# Storm windows



## trc65 (Aug 12, 2019)

Sister and BIL have an older house and have a couple of smaller storm windows that have rotted beyond salvaging. I plan to make replacements for them, but he asked me the other day if we could make them from PVC. They are smaller windows approx. 20x30 and single pane. These would be for semi permanent installation as windows they cover are never opened. 

What does everyone think?


----------



## ripjack13 (Aug 12, 2019)

Are you talking about the pvc wood like stuff used for trim?


----------



## trc65 (Aug 12, 2019)

Yep, that's the stuff. Saw that Menards carries a 1.5" square which is what he showed me. https://www.menards.com/main/doors-...te-pvc-trim-board/5682434/p-1467147806058.htm


----------



## Lou Currier (Aug 13, 2019)

I don’t see why not

Reactions: Thank You! 1 | Agree 1


----------



## Echoashtoreth (Aug 13, 2019)

Might look online and find site for the OEM of the product.... they might have a chat line you could ask a quick question- like what glue to use etc

Reactions: Like 1 | Thank You! 1 | Agree 1


----------



## ripjack13 (Aug 13, 2019)

I'm not sure if it would hold up as a window.
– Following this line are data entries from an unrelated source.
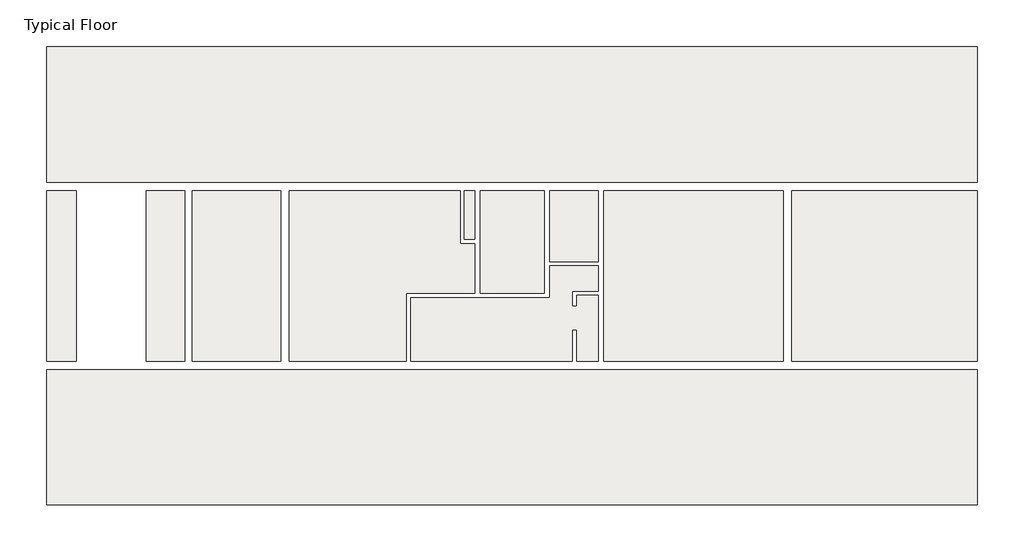
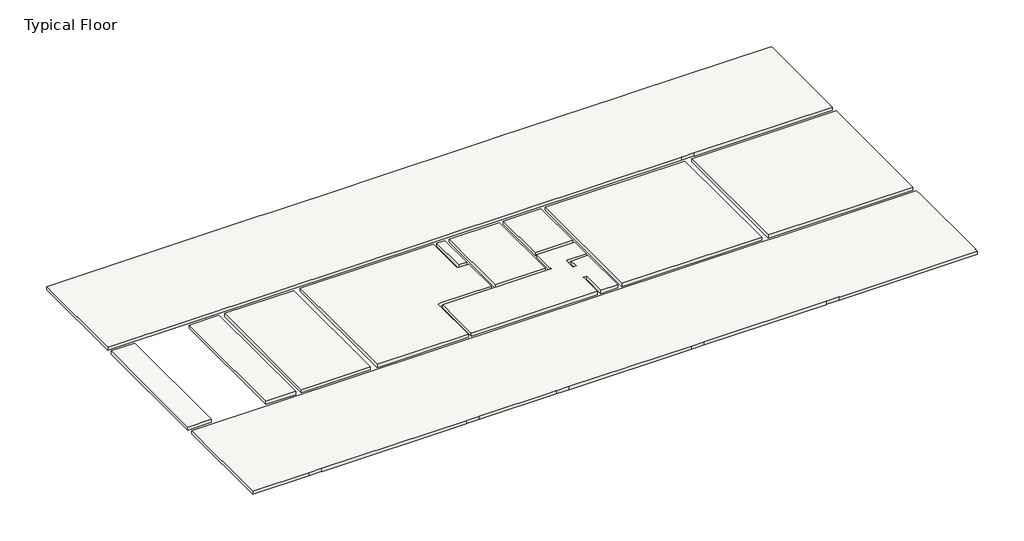
# One storey: 12 slabs.
"""IFC4 building model written with IfcOpenShell, lengths in millimetres."""

import ifcopenshell
import ifcopenshell.guid

model = None  # the IFC model being written
_history = None  # IfcOwnerHistory: only IFC2X3 demands one
_inside = {}  # id of a spatial element -> (the spatial element, [elements in it])
_under = {}  # id of a project, library or spatial element -> (it, [spatial elements below it])
_declared = {}  # id of a project -> (the project, [libraries it declares])
_typed = {}  # id of a type object -> (the type object, [elements of that type])
_made_of = {}  # id of a material, layer set ... -> (it, [elements and type objects made of it])


def new_model(schema):
    """Start an empty IFC model of exactly this schema.

    Asked for "IFC4X3", IfcOpenShell would pick the latest addendum, in which some entities
    have other attributes; the version numbers below select the first issue.
    IFC2X3 requires an IfcOwnerHistory on every rooted entity: one is made here for all.
    """
    global model, _history
    if schema == "IFC4X3":
        model = ifcopenshell.file(schema_version=(4, 3, 0, 0))
    else:
        model = ifcopenshell.file(schema=schema)
    _inside.clear()
    _under.clear()
    _declared.clear()
    _typed.clear()
    _made_of.clear()
    _history = None
    if model.schema == "IFC2X3":
        org = make("IfcOrganization", Name="unknown")
        user = make(
            "IfcPersonAndOrganization",
            ThePerson=make("IfcPerson", FamilyName="unknown"),
            TheOrganization=org,
        )
        app = make(
            "IfcApplication",
            ApplicationDeveloper=org,
            Version="unknown",
            ApplicationFullName="unknown",
            ApplicationIdentifier="unknown",
        )
        _history = make(
            "IfcOwnerHistory",
            OwningUser=user,
            OwningApplication=app,
            ChangeAction="ADDED",
            CreationDate=0,
        )
    return model


def make(cls, **values):
    """One entity of the class cls with the attributes given. An attribute that is None is left unset."""
    return model.create_entity(
        cls, **{name: value for name, value in values.items() if value is not None}
    )


def rooted(cls, **values):
    """An entity with a GlobalId (a new one), such as an element, a storey or a relation."""
    return make(cls, GlobalId=ifcopenshell.guid.new(), OwnerHistory=_history, **values)


def si_unit(unit_type, name, prefix=None):
    """IfcSIUnit, for example si_unit("LENGTHUNIT", "METRE", prefix="MILLI")."""
    return make("IfcSIUnit", UnitType=unit_type, Prefix=prefix, Name=name)


def assignment(units):
    """IfcUnitAssignment: the units of a project."""
    return None if units is None else make("IfcUnitAssignment", Units=units)


def point(xyz):
    """IfcCartesianPoint."""
    return None if xyz is None else make("IfcCartesianPoint", Coordinates=xyz)


def direction(xyz):
    """IfcDirection."""
    return None if xyz is None else make("IfcDirection", DirectionRatios=xyz)


def frame(location, z_axis=None, x_axis=None):
    """IfcAxis2Placement3D, a coordinate frame: its origin and axes. An axis left out is left unset."""
    return make(
        "IfcAxis2Placement3D",
        Location=point(location),
        Axis=direction(z_axis),
        RefDirection=direction(x_axis),
    )


def origin():
    """The frame at (0, 0, 0) with its axes left unset."""
    return frame((0.0, 0.0, 0.0))


def place(relative_to, where):
    """IfcLocalPlacement: puts the frame where relative to a parent placement (None: the world)."""
    return make(
        "IfcLocalPlacement", PlacementRelTo=relative_to, RelativePlacement=where
    )


def context(
    kind, dimensions, precision=None, world=None, true_north=None, identifier=None
):
    """IfcGeometricRepresentationContext, for example the 3D "Model" context."""
    return make(
        "IfcGeometricRepresentationContext",
        ContextIdentifier=identifier,
        ContextType=kind,
        CoordinateSpaceDimension=dimensions,
        Precision=precision,
        WorldCoordinateSystem=world,
        TrueNorth=true_north,
    )


def project(units=None, contexts=None):
    """IfcProject with its units and contexts."""
    return rooted(
        "IfcProject",
        Name="project",
        RepresentationContexts=contexts,
        UnitsInContext=assignment(units),
    )


def spatial(cls, under=None, at=None, **own):
    """A site, building, storey or space (cls), placed at a placement, below another one or the project."""
    s = rooted(cls, ObjectPlacement=at, **own)
    if under is not None:
        _under.setdefault(under.id(), (under, []))[1].append(s)
    return s


def polyline(points):
    """IfcPolyline through the points."""
    return make("IfcPolyline", Points=[point(p) for p in points])


def outline(outer, holes=None, kind="AREA"):
    """IfcArbitraryClosedProfileDef: a profile drawn as a closed curve; with holes, ...WithVoids."""
    if holes is None:
        return make("IfcArbitraryClosedProfileDef", ProfileType=kind, OuterCurve=outer)
    return make(
        "IfcArbitraryProfileDefWithVoids",
        ProfileType=kind,
        OuterCurve=outer,
        InnerCurves=holes,
    )


def extrude(swept, where, along, depth):
    """IfcExtrudedAreaSolid: the profile swept, set in the frame where, extruded along a direction by depth."""
    return make(
        "IfcExtrudedAreaSolid",
        SweptArea=swept,
        Position=where,
        ExtrudedDirection=direction(along),
        Depth=depth,
    )


def faces_of(points, faces, orient=None, outer=None):
    """IfcFace entities. A face is a list of loops; a loop is a list of indices into points, from 0.

    orient and outer hold one flag for each loop. By default every Orientation is true, the
    first loop of a face is its IfcFaceOuterBound and the others are IfcFaceBound.
    """
    made = []
    for i, loops in enumerate(faces):
        bounds = []
        for j, loop in enumerate(loops):
            is_outer = j == 0 if outer is None else outer[i][j]
            bounds.append(
                make(
                    "IfcFaceOuterBound" if is_outer else "IfcFaceBound",
                    Bound=make("IfcPolyLoop", Polygon=[points[k] for k in loop]),
                    Orientation=True if orient is None else orient[i][j],
                )
            )
        made.append(make("IfcFace", Bounds=bounds))
    return made


def faceted_brep(points, faces, orient=None, outer=None, voids=None):
    """IfcFacetedBrep: a solid bounded by flat faces; with voids (closed shells), ...WithVoids."""
    shared = [point(p) for p in points]
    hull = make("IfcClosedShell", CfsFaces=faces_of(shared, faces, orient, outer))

Especially as a storm window. Theres no strength to it. It's great as trim, but I would stick with wood for windows.

Reactions: Thank You! 1


----------



## Mr. Peet (Aug 16, 2019)

I'd think it would be nearly a wash just ordering replacements, when comparing unknowns to knowns. Depending on sizes, but often can get a replacement for $75-$100, ready to install. Versus buying material, building the replacement and so on...

Reactions: Thank You! 1


----------



## Mike Hill (Aug 19, 2019)

Also what happens is that water gets in the cuts, under the cladding and rots the wood - and you don't know it. Been a problem with residential windows for years.

Reactions: Thank You! 1


----------